Re:OK, let's get this straight once and for all (Score:4, Insightful)
and Baptists. and Anglicans/Episcopaleans. and Quakers. and Presbyterians. and Methodists. and Deists. and atheists (Ethan Allen).
Indeed, this is a non-issue (Score:5, Insightful)
Right on.
WTF is up with the inflammatory headline: "Free Speech or Journalism"? Defamation, extortion, and libel is not now, and never has been, any kind of protected speech. It doesn't matter if you do it in your local newspaper, leaflets you hand out throughout the neighborhood, the corner soapbox, or a network of libelous websites.
Re:I think the key... (Score:5, Insightful)
No, it's entirely the fault of the person behaving badly.
Google takes steps to accou t for people like this, but the system isn't and cannot be perfect. Blaming the tools people use to commit crimes - even if just "in a small way" - shifts blame from the actual responsible party.
If I get a gun and shoot someone, is that, even I a small way, Smith & Wessons fault for making the gun? The dealers fault for selling it to me? The ammo makers fault for selling me the funds? The victims vault for being in a situation where I could shoot them? No. It would be my fault because I am the person who did something wrong. Without me the crime wouldn't have happened, period, full stop.
Now, if you meant to say, "tools like google let people do this kind of thing more easily, I wonder if there is a way to limit the harm bad actors can do without crippling tht tool" then that's one thing. But fault? No, sorry, that's entirely on the person who decided to do the behavior in question.
Re:I think the key... (Score:2, Insightful)
Prior restraint: "You are not allowed to say X. If you say X, we will punish you."
'Consequences': "You said X. You are not allowed to say X. We will now punish you."
This "you are not free from the consequences of your speech" bullshit is just that, utter bullshit.
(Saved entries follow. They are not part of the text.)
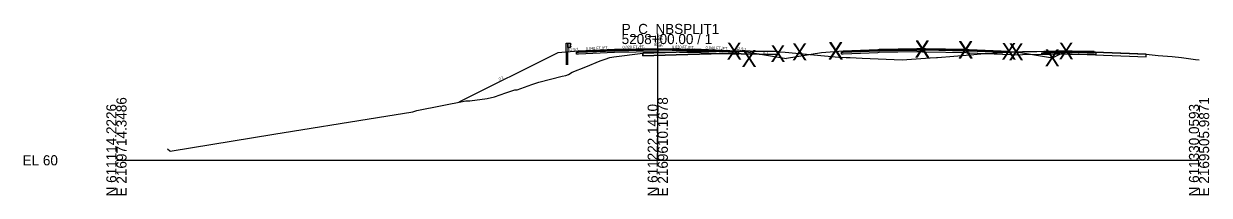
# Model space of a CAD drawing. Extents: x -26 to 1303, y -3010 to 12038.
# Drawn here: x 974.3 to 1302.8, y 4990.3 to 5037.8 of the extents above; entities that cross this region are included whole.
import ezdxf

# ---------------------------------------------------------------- set-up
doc = ezdxf.new("R2010")
doc.units = 0
for name, color, linetype in [('RD_GPK_XS_Cell', 7, 'Continuous'), ('RD_GPK_XS_Text_Node', 7, 'Continuous'), ('RD_PD_Final_TrvlWay', 7, 'Continuous'), ('RD_XS_Base', 7, 'Continuous'), ('RD_XS_ExGround', 7, 'Continuous'), ('RD_XS_ExPaveRet', 7, 'Continuous'), ('RD_XS_GR', 7, 'Continuous'), ('RD_XS_Greenside', 7, 'Continuous'), ('RD_XS_Pave', 7, 'Continuous'), ('RD_XS_PaveOvlay_CP', 7, 'Continuous'), ('RD_XS_TieSlope', 7, 'Continuous'), ('RD_XS_TX_Elev_EX', 7, 'Continuous'), ('RD_XS_TX_Elev_PR', 7, 'Continuous'), ('RD_XS_TX_ShdSlope', 7, 'Continuous'), ('RD_XS_TX_Slope', 7, 'Continuous')]:
    doc.layers.add(name, color=color, linetype=linetype)

msp = doc.modelspace()

# ---------------------------------------------------------------- linework, layer by layer
at = {"layer": 'RD_GPK_XS_Cell'}
for p, q in [((1150, 5000), (1150, 5035)), ((1000, 5000), (1150, 5000)), ((1150, 5000), (1300, 5000))]:
    msp.add_line(p, q, dxfattribs=at)
at = {"layer": 'RD_PD_Final_TrvlWay'}
for p, q in [((1125.11, 5030.03), (1124.61, 5029.99)), ((1124.61, 5029.99), (1124.61, 5026.42)), ((1125.11, 5026.42), (1125.11, 5030.03))]:
    msp.add_line(p, q, dxfattribs=at)
at = {"layer": 'RD_XS_Base'}
for p, q in [((1127.5, 5029.92), (1128, 5029.94)), ((1127.5, 5029.42), (1127.5, 5029.92)), ((1127.5, 5029.92), (1127.5, 5029.92)), ((1128, 5029.94), (1138, 5030.34)), ((1128, 5029.94), (1128, 5029.94)), ((1138, 5029.84), (1128, 5029.44)), ((1138, 5030.34), (1150, 5030.58)), ((1138, 5030.34), (1138, 5030.34)), ((1150, 5030.08), (1138, 5029.84)), ((1138, 5029.84), (1138, 5029.84)), ((1150, 5030.58), (1150, 5030.74)), ((1150, 5030.74), (1150, 5030.08)), ((1150, 5030.58), (1150, 5030.08)), ((1162, 5030.34), (1150, 5030.58)), ((1150, 5030.58), (1150, 5030.58)), ((1150, 5030.08), (1150, 5030.08)), ((1150, 5030.08), (1150, 5030.08)), ((1150, 5030.08), (1162, 5029.84)), ((1172, 5029.94), (1162, 5030.34)), ((1162, 5029.84), (1172.5, 5029.42)), ((1164, 5030.26), (1164, 5030.26)), ((1172.5, 5029.92), (1172, 5029.94)), ((1172, 5029.94), (1172, 5029.94)), ((1172.5, 5029.42), (1172.5, 5029.92)), ((1172.5, 5029.92), (1172.5, 5029.92)), ((1200.88, 5029.92), (1201.37, 5029.94)), ((1200.88, 5029.9), (1200.88, 5029.92)), ((1200.88, 5029.42), (1200.88, 5029.9)), ((1201.37, 5029.94), (1201.38, 5029.94)), ((1201.38, 5029.94), (1210.95, 5030.32)), ((1210.95, 5030.32), (1211.38, 5030.34)), ((1211.38, 5029.84), (1210.95, 5029.82)), ((1211.38, 5030.34), (1221.83, 5030.55)), ((1221.83, 5030.05), (1211.38, 5029.84)), ((1221.83, 5030.55), (1223.38, 5030.58)), ((1223.38, 5030.08), (1221.83, 5030.05)), ((1223.38, 5030.73), (1223.38, 5030.74)), ((1223.38, 5030.74), (1223.38, 5030.7)), ((1223.38, 5030.58), (1223.38, 5030.73)), ((1223.38, 5030.7), (1223.38, 5030.08)), ((1223.38, 5030.58), (1223.38, 5030.55)), ((1223.38, 5030.58), (1223.38, 5030.58)), ((1224.19, 5030.57), (1223.38, 5030.58)), ((1223.38, 5030.58), (1223.38, 5030.58)), ((1223.38, 5030.55), (1223.38, 5030.08)), ((1223.38, 5030.08), (1224.19, 5030.07)), ((1235.38, 5030.34), (1224.19, 5030.57)), ((1224.19, 5030.07), (1235.38, 5029.84)), ((1236.32, 5030.31), (1235.38, 5030.34)), ((1235.38, 5029.84), (1236.36, 5029.8)), ((1247.39, 5029.86), (1236.32, 5030.31)), ((1247.43, 5029.86), (1247.39, 5029.86)), ((1247.89, 5029.84), (1247.43, 5029.86)), ((1247.89, 5029.8), (1247.89, 5029.84)), ((1258.97, 5029.82), (1263.97, 5029.92)), ((1263.97, 5030), (1263.97, 5030.08)), ((1263.97, 5030.08), (1263.97, 5029.75)), ((1263.97, 5029.92), (1263.97, 5030)), ((1266.43, 5029.87), (1263.97, 5029.92)), ((1263.97, 5029.92), (1263.97, 5029.42)), ((1268.97, 5029.82), (1266.43, 5029.87)), ((1128, 5029.44), (1127.5, 5029.42)), ((1127.5, 5029.42), (1127.5, 5029.42)), ((1127.5, 5029.42), (1127.5, 5029.42)), ((1128, 5029.44), (1128, 5029.44)), ((1164, 5029.76), (1164, 5029.76)), ((1172.5, 5029.42), (1172.5, 5029.42)), ((1172.5, 5029.42), (1172.5, 5029.42)), ((1201.37, 5029.44), (1200.88, 5029.42)), ((1201.38, 5029.44), (1201.37, 5029.44)), ((1210.95, 5029.82), (1201.38, 5029.44)), ((1236.36, 5029.8), (1247.89, 5029.34)), ((1247.89, 5029.34), (1247.89, 5029.8)), ((1256.47, 5029.77), (1256.97, 5029.78)), ((1256.47, 5029.27), (1256.47, 5029.77)), ((1256.97, 5029.28), (1256.47, 5029.27)), ((1256.97, 5029.78), (1258.97, 5029.82)), ((1258.97, 5029.32), (1256.97, 5029.28)), ((1263.97, 5029.42), (1258.97, 5029.32)), ((1263.97, 5029.75), (1263.97, 5029.42)), ((1263.97, 5029.42), (1266.43, 5029.37)), ((1266.43, 5029.37), (1268.97, 5029.32)), ((1270, 5029.8), (1268.97, 5029.82)), ((1268.97, 5029.32), (1270.18, 5029.29)), ((1270.97, 5029.78), (1270, 5029.8)), ((1270.18, 5029.29), (1271.47, 5029.27)), ((1271.21, 5029.77), (1270.97, 5029.78)), ((1271.47, 5029.77), (1271.21, 5029.77)), ((1271.47, 5029.51), (1271.47, 5029.77)), ((1271.47, 5029.27), (1271.47, 5029.51))]:
    msp.add_line(p, q, dxfattribs=at)
at = {"layer": 'RD_XS_ExGround'}
msp.add_lwpolyline([(1014.18, 5003.18), (1014.76, 5002.62), (1014.91, 5002.54), (1043.6, 5007.23), (1072.37, 5011.89), (1082.15, 5013.47), (1083.23, 5013.77), (1096.84, 5016.48), (1097.9, 5016.51), (1102.77, 5017.16), (1104.75, 5017.55), (1107.89, 5018.66), (1110.36, 5019.51), (1111.04, 5019.51), (1115.1, 5021.01), (1117.08, 5021.66), (1123.54, 5023.28), (1124.51, 5023.52), (1125.24, 5023.81), (1126.25, 5024.39), (1130.04, 5025.92), (1134.07, 5027.59), (1135.43, 5028.04), (1136.75, 5028.49), (1137.87, 5028.64), (1145.84, 5029.66), (1155.08, 5029.93), (1168.03, 5030.31), (1183.19, 5030.1), (1183.59, 5030.09), (1183.93, 5030.07), (1185.3, 5029.93), (1200.21, 5028.56), (1202.22, 5028.51), (1203.37, 5028.5), (1206.62, 5028.34), (1217.73, 5027.87), (1225.53, 5028.37), (1227.26, 5028.45), (1227.52, 5028.49), (1236.61, 5029.2), (1239.5, 5029.51), (1247.15, 5029.96), (1247.85, 5029.99), (1251.11, 5030.06), (1262.91, 5030.3), (1273.5, 5029.86), (1285.33, 5029.39), (1288.7, 5029.05), (1292.57, 5028.73), (1295.15, 5028.5), (1299, 5027.95), (1300, 5027.8)], dxfattribs=at)
at = {"layer": 'RD_XS_ExPaveRet'}
for p, q in [((1155.08, 5029.93), (1145.84, 5029.66)), ((1168.03, 5030.31), (1155.08, 5029.93)), ((1183.19, 5030.1), (1168.03, 5030.31)), ((1183.59, 5030.09), (1183.19, 5030.1)), ((1257.43, 5030.19), (1251.11, 5030.06)), ((1262.91, 5030.3), (1257.43, 5030.19)), ((1266.79, 5030.14), (1262.91, 5030.3)), ((1273.5, 5029.86), (1266.79, 5030.14)), ((1280.76, 5029.57), (1273.5, 5029.86))]:
    msp.add_line(p, q, dxfattribs=at)
for points in [[(1183.59, 5030.09), (1183.59, 5029.34), (1183.59, 5029.34), (1183.59, 5029.34), (1183.59, 5029.34), (1183.19, 5029.35), (1183.19, 5029.35), (1168.03, 5029.56), (1168.03, 5029.56), (1155.08, 5029.18), (1155.08, 5029.18), (1145.84, 5028.91), (1145.84, 5029.66), (1145.84, 5029.66), (1155.08, 5029.93), (1155.08, 5029.93), (1168.03, 5030.31), (1168.03, 5030.31), (1183.19, 5030.1), (1183.19, 5030.1), (1183.59, 5030.09), (1183.59, 5030.09), (1183.59, 5030.09)], [(1145.84, 5029.66), (1145.84, 5028.91), (1155.08, 5029.18), (1168.03, 5029.56), (1183.19, 5029.35), (1183.59, 5029.34), (1183.59, 5029.34), (1183.59, 5030.09), (1183.59, 5030.09)], [(1280.76, 5029.57), (1273.5, 5029.86), (1266.79, 5030.14), (1262.91, 5030.3), (1257.43, 5030.19), (1251.11, 5030.06), (1247.85, 5029.99), (1247.85, 5029.99), (1247.85, 5029.99), (1247.85, 5029.99), (1247.85, 5029.99), (1247.85, 5029.7), (1247.85, 5029.24), (1247.85, 5029.24), (1247.85, 5029.24), (1247.85, 5029.24), (1247.85, 5029.24), (1251.11, 5029.31), (1257.43, 5029.44), (1262.91, 5029.55), (1266.79, 5029.39), (1273.5, 5029.11), (1280.76, 5028.82), (1285.33, 5028.64), (1285.33, 5028.98), (1285.33, 5029.39), (1280.76, 5029.57)], [(1251.11, 5030.06), (1247.85, 5029.99), (1247.85, 5029.99), (1247.85, 5029.99), (1247.85, 5029.99), (1247.85, 5029.99)], [(1247.85, 5029.99), (1247.85, 5029.7), (1247.85, 5029.24), (1247.85, 5029.24), (1247.85, 5029.24), (1247.85, 5029.24), (1251.11, 5029.31), (1257.43, 5029.44), (1262.91, 5029.55), (1266.79, 5029.39), (1273.5, 5029.11), (1280.76, 5028.82), (1285.33, 5028.64), (1285.33, 5028.98), (1285.33, 5029.39), (1280.76, 5029.57)]]:
    msp.add_lwpolyline(points, dxfattribs=at)
at = {"layer": 'RD_XS_GR'}
for points in [[(1125.11, 5032.42), (1125.11, 5030.03), (1124.61, 5029.99), (1124.61, 5032.42), (1124.86, 5032.42), (1125.11, 5032.42)], [(1125.77, 5032.42), (1125.77, 5031.25), (1125.11, 5031.25), (1125.11, 5032.42), (1125.77, 5032.42)], [(1126.04, 5032.13), (1125.77, 5032.42), (1125.77, 5031.25), (1125.77, 5031.25), (1125.77, 5031.25), (1126.04, 5031.55), (1126.04, 5031.55), (1125.77, 5031.84), (1125.77, 5031.84), (1126.04, 5032.13), (1126.04, 5032.13)]]:
    msp.add_lwpolyline(points, dxfattribs=at)
at = {"layer": 'RD_XS_Greenside'}
for p, q in [((1174, 5030.1), (1185.64, 5028.16)), ((1249.39, 5030.02), (1259.39, 5028.36)), ((1259.39, 5028.36), (1263.25, 5030.29)), ((1122.29, 5029.8), (1094.88, 5016.09)), ((1195.38, 5029.78), (1185.64, 5028.16))]:
    msp.add_line(p, q, dxfattribs=at)
at = {"layer": 'RD_XS_Pave'}
for p, q in [((1138, 5030.66), (1128, 5030.26)), ((1138, 5030.5), (1128, 5030.1)), ((1128, 5030.1), (1138, 5030.5)), ((1128, 5029.94), (1138, 5030.34)), ((1128, 5030.26), (1128, 5030.26)), ((1128, 5030.26), (1128, 5030.1)), ((1128, 5030.1), (1128, 5030.1)), ((1128, 5030.1), (1128, 5029.94)), ((1128, 5030.1), (1128, 5030.1)), ((1128, 5030.1), (1128, 5030.1)), ((1128, 5029.94), (1128, 5029.94)), ((1128, 5029.94), (1128, 5029.94)), ((1150, 5030.9), (1138, 5030.66)), ((1150, 5030.74), (1138, 5030.5)), ((1138, 5030.5), (1150, 5030.74)), ((1138, 5030.66), (1138, 5030.66)), ((1138, 5030.34), (1150, 5030.58)), ((1138, 5030.5), (1138, 5030.5)), ((1138, 5030.5), (1138, 5030.5)), ((1138, 5030.34), (1138, 5030.34)), ((1162, 5030.66), (1150, 5030.9)), ((1150, 5030.58), (1150, 5030.74)), ((1150, 5030.74), (1162, 5030.5)), ((1162, 5030.5), (1150, 5030.74)), ((1150, 5030.74), (1150, 5030.58)), ((1150, 5030.58), (1150, 5030.58)), ((1150, 5030.58), (1150, 5030.58)), ((1150, 5030.58), (1162, 5030.34)), ((1172, 5030.26), (1162, 5030.66)), ((1162, 5030.5), (1172, 5030.1)), ((1172, 5030.1), (1162, 5030.5)), ((1162, 5030.34), (1172, 5029.94)), ((1164, 5030.58), (1164, 5030.58)), ((1164, 5030.42), (1164, 5030.42)), ((1164, 5030.42), (1164, 5030.42)), ((1164, 5030.26), (1164, 5030.26)), ((1172, 5030.1), (1172, 5030.26)), ((1172, 5030.26), (1172, 5030.26)), ((1172, 5030.1), (1172, 5030.1)), ((1172, 5030.1), (1172, 5030.1)), ((1172, 5029.94), (1172, 5030.1)), ((1172, 5030.1), (1172, 5030.1)), ((1172, 5029.94), (1172, 5029.94)), ((1172, 5029.94), (1172, 5029.94)), ((1210.95, 5030.64), (1201.38, 5030.26)), ((1210.95, 5030.48), (1201.38, 5030.1)), ((1201.38, 5030.1), (1210.95, 5030.48)), ((1201.38, 5029.94), (1210.95, 5030.32)), ((1201.38, 5030.26), (1201.38, 5030.25)), ((1201.38, 5030.25), (1201.38, 5030.1)), ((1201.38, 5030.1), (1201.38, 5030.1)), ((1201.38, 5030.1), (1201.38, 5029.94)), ((1211.38, 5030.66), (1210.95, 5030.64)), ((1211.38, 5030.5), (1210.95, 5030.48)), ((1210.95, 5030.48), (1211.38, 5030.5)), ((1210.95, 5030.32), (1211.38, 5030.34)), ((1221.83, 5030.87), (1211.38, 5030.66)), ((1221.83, 5030.71), (1211.38, 5030.5)), ((1211.38, 5030.5), (1221.83, 5030.71)), ((1211.38, 5030.34), (1221.83, 5030.55)), ((1223.38, 5030.9), (1221.83, 5030.87)), ((1223.38, 5030.74), (1221.83, 5030.71)), ((1221.83, 5030.71), (1223.38, 5030.74)), ((1221.83, 5030.55), (1223.38, 5030.58)), ((1224.19, 5030.88), (1223.38, 5030.9)), ((1223.38, 5030.73), (1223.38, 5030.74)), ((1223.38, 5030.74), (1224.19, 5030.73)), ((1224.19, 5030.73), (1223.38, 5030.74)), ((1223.38, 5030.74), (1223.38, 5030.74)), ((1223.38, 5030.74), (1223.38, 5030.74)), ((1223.38, 5030.74), (1223.38, 5030.73)), ((1223.38, 5030.58), (1223.38, 5030.73)), ((1223.38, 5030.73), (1223.38, 5030.58)), ((1223.38, 5030.58), (1223.38, 5030.58)), ((1223.38, 5030.58), (1223.38, 5030.58)), ((1223.38, 5030.58), (1224.19, 5030.57)), ((1235.38, 5030.66), (1224.19, 5030.88)), ((1224.19, 5030.73), (1235.38, 5030.5)), ((1235.38, 5030.5), (1224.19, 5030.73)), ((1224.19, 5030.57), (1235.38, 5030.34)), ((1236.32, 5030.62), (1235.38, 5030.66)), ((1235.38, 5030.5), (1236.32, 5030.46)), ((1236.32, 5030.46), (1235.38, 5030.5)), ((1235.38, 5030.34), (1236.32, 5030.31)), ((1247.39, 5030.18), (1236.32, 5030.62)), ((1236.32, 5030.46), (1247.39, 5030.02)), ((1247.39, 5030.02), (1236.32, 5030.46)), ((1236.32, 5030.31), (1247.39, 5029.86)), ((1247.39, 5030.17), (1247.39, 5030.18)), ((1247.39, 5030.02), (1247.39, 5030.17)), ((1247.39, 5030.01), (1247.39, 5030.02)), ((1247.39, 5029.86), (1247.39, 5030.01)), ((1257.94, 5030.12), (1256.97, 5030.1)), ((1256.97, 5030.1), (1256.97, 5030.01)), ((1256.97, 5030.01), (1256.97, 5029.94)), ((1258.97, 5029.98), (1256.97, 5029.94)), ((1256.97, 5029.94), (1257.99, 5029.96)), ((1256.97, 5029.94), (1256.97, 5029.78)), ((1258.97, 5030.14), (1257.94, 5030.12)), ((1257.99, 5029.96), (1258.97, 5029.98)), ((1261.45, 5030.19), (1258.97, 5030.14)), ((1263.97, 5030.08), (1258.97, 5029.98)), ((1258.97, 5029.98), (1261.45, 5030.03)), ((1258.97, 5029.82), (1263.97, 5029.92)), ((1263.97, 5030.24), (1261.45, 5030.19)), ((1261.45, 5030.03), (1263.97, 5030.08)), ((1266.43, 5030.19), (1263.97, 5030.24)), ((1263.97, 5030.08), (1266.43, 5030.03)), ((1268.97, 5029.98), (1263.97, 5030.08)), ((1263.97, 5030.08), (1263.97, 5029.92)), ((1263.97, 5029.92), (1263.97, 5030.08)), ((1263.97, 5029.92), (1268.97, 5029.82)), ((1268.97, 5030.14), (1266.43, 5030.19)), ((1266.43, 5030.03), (1268.97, 5029.98)), ((1270, 5030.12), (1268.97, 5030.14)), ((1268.97, 5029.98), (1269.94, 5029.96)), ((1270.97, 5029.94), (1268.97, 5029.98)), ((1269.94, 5029.96), (1270.97, 5029.94)), ((1270.97, 5030.1), (1270, 5030.12)), ((1270.97, 5030.01), (1270.97, 5030.1)), ((1270.97, 5029.94), (1270.97, 5030.01)), ((1270.97, 5029.78), (1270.97, 5029.94)), ((1256.97, 5029.78), (1258.97, 5029.82)), ((1268.97, 5029.82), (1270.97, 5029.78))]:
    msp.add_line(p, q, dxfattribs=at)
at = {"layer": 'RD_XS_PaveOvlay_CP'}
for p, q in [((1128, 5030.26), (1138, 5030.66)), ((1138, 5030.66), (1150, 5030.9)), ((1150, 5030.9), (1162, 5030.66)), ((1162, 5030.66), (1172, 5030.26)), ((1210.95, 5030.64), (1201.38, 5030.26)), ((1211.38, 5030.66), (1210.95, 5030.64)), ((1221.83, 5030.87), (1211.38, 5030.66)), ((1223.38, 5030.9), (1221.83, 5030.87)), ((1224.19, 5030.88), (1223.38, 5030.9)), ((1235.38, 5030.66), (1224.19, 5030.88)), ((1236.32, 5030.62), (1235.38, 5030.66)), ((1247.39, 5030.18), (1236.32, 5030.62)), ((1256.97, 5030.1), (1258.97, 5030.14)), ((1258.97, 5030.14), (1263.97, 5030.24)), ((1263.97, 5030.24), (1268.97, 5030.14)), ((1268.97, 5030.14), (1270.97, 5030.1))]:
    msp.add_line(p, q, dxfattribs=at)
at = {"layer": 'RD_XS_TieSlope'}
for p, q in [((1128, 5030.26), (1122.29, 5029.8)), ((1172, 5030.26), (1174, 5030.1)), ((1201.38, 5030.26), (1195.38, 5029.78)), ((1247.39, 5030.18), (1249.39, 5030.02))]:
    msp.add_line(p, q, dxfattribs=at)

# ---------------------------------------------------------------- texts
at = {"layer": 'RD_GPK_XS_Cell'}
for s, p in [('P_C_NBSPLIT1', (1140, 5035)), ('5208+00.00 / 1', (1140, 5032.2)), ('EL 60', (974, 4998.6))]:
    msp.add_text(s, height=2.8, dxfattribs=at).set_placement(p)
for s, p in [('E 2169714.3486', (1002.8, 4990)), ('E 2169610.1678', (1152.8, 4990)), ('E 2169505.9871', (1302.8, 4990)), ('N 611114.2226', (1000, 4990)), ('N 611222.1410', (1150, 4990)), ('N 611330.0593', (1300, 4990))]:
    msp.add_text(s, height=2.8, rotation=90, dxfattribs=at).set_placement(p)
at = {"layer": 'RD_GPK_XS_Text_Node'}
for p in [(1221.22, 5028.56), (1169.1, 5027.92), (1173.22, 5025.86), (1181.22, 5027.2), (1187.22, 5027.68), (1197.22, 5028.08), (1197.22, 5027.92), (1221.22, 5028.4), (1233.22, 5028.32), (1233.22, 5028.16), (1245.22, 5027.84), (1247.22, 5027.68), (1257.22, 5026.01), (1261.08, 5027.94)]:
    msp.add_text('X', height=4.69, dxfattribs=at).set_placement(p)
at = {"layer": 'RD_XS_TX_Elev_EX'}
msp.add_text('89.78', height=0.6, rotation=90, dxfattribs=at).set_placement((1149.67, 5031.63))
at = {"layer": 'RD_XS_TX_Elev_PR'}
msp.add_text('90.90', height=1, rotation=90, dxfattribs=at).set_placement((1151.28, 5031.28))
at = {"layer": 'RD_XS_TX_ShdSlope'}
for rotation, p in [(4.5739, (1125.26, 5030.23)), (355.4261, (1171.69, 5030.6))]:
    msp.add_text('12.5:1', height=0.75, rotation=rotation, dxfattribs=at).set_placement(p)
at = {"layer": 'RD_XS_TX_Slope'}
for s, rotation, p in [('0.040 FT./FT.', 2.2906, (1130.11, 5030.58)), ('0.020 FT./FT.', 1.1458, (1140.25, 5030.96)), ('0.020 FT./FT.', 358.8542, (1153.98, 5031.05)), ('0.040 FT./FT.', 357.7094, (1163.26, 5030.86)), ('6:1', 350.5377, (1179.13, 5029.67)), ('2:1', 26.5651, (1106.13, 5022.06))]:
    msp.add_text(s, height=0.75, rotation=rotation, dxfattribs=at).set_placement(p)

doc.saveas('drawing.dxf')

OF COURSE you will not be legally protected from some consequences of your speech... if people dislike you, stop speaking to you, stop doing business with you, stop associating with you, or generally do anything which they have the freedom to do, because they dislike your speech, then you have (or should have) no legal recourse. You do not have a right to be popular or liked or have anybody listen to or agree with you, etc.
But freedom of speech is ENTIRELY ABOUT freedom from LEGAL consequences of speech. If you can be punished for saying certain things, then you are ipso facto NOT FREE to say those things. Whether the state warns you ahead of time that you will be punished or not is irrelevant.
As far as blanket protection goes:
"Congress shall make no law [...] abridging the freedom of speech" (plus "No state shall make or enforce any law which shall abridge the privileges or immunities of citizens of the United States") sounds like a pretty blanket protection against legal consequences for speech anywhere in the United States at least.
Re:That's Dumb (Score:5, Insightful)
Tortuous interference in business (Score:2, Insightful)
Sounds more like Tortuous interference in business.
http://en.wikipedia.org/wiki/Tortious_interference
What she did was nothing new, and its been tried and made illegal many centuries ago and has a long tradition of being enforced against companies.
"An early, perhaps the earliest, instance of recognition of this tort occurred in Garret v. Taylor, 79 Eng. Rep. 485 (K.B. 1620). In that case, the defendant drove customers away from the plaintiff’s quarry by threatening them with mayhem and also threatening to “vex [them] with suits.” The King's Bench court said that “the defendant threatened violence to the extent of committing an assault upon ... customers of the plaintiff ... whereupon ‘they all desisted from buying.’’ The court therefore upheld a judgment for the plaintiff."
I believe the Opera lawsuit against Microsoft was based on this. Recall when Microsoft made their websites deliberately return corrupt data to Opera browsers. Whereas the normal website it returns to Internet Explorer would work fine on Opera, these corrupt pages wouldn't work on either IE or Opera. It created the false impression that Opera couldn't render websites properly, and Microsoft paid out $10 million to settle the lawsuit.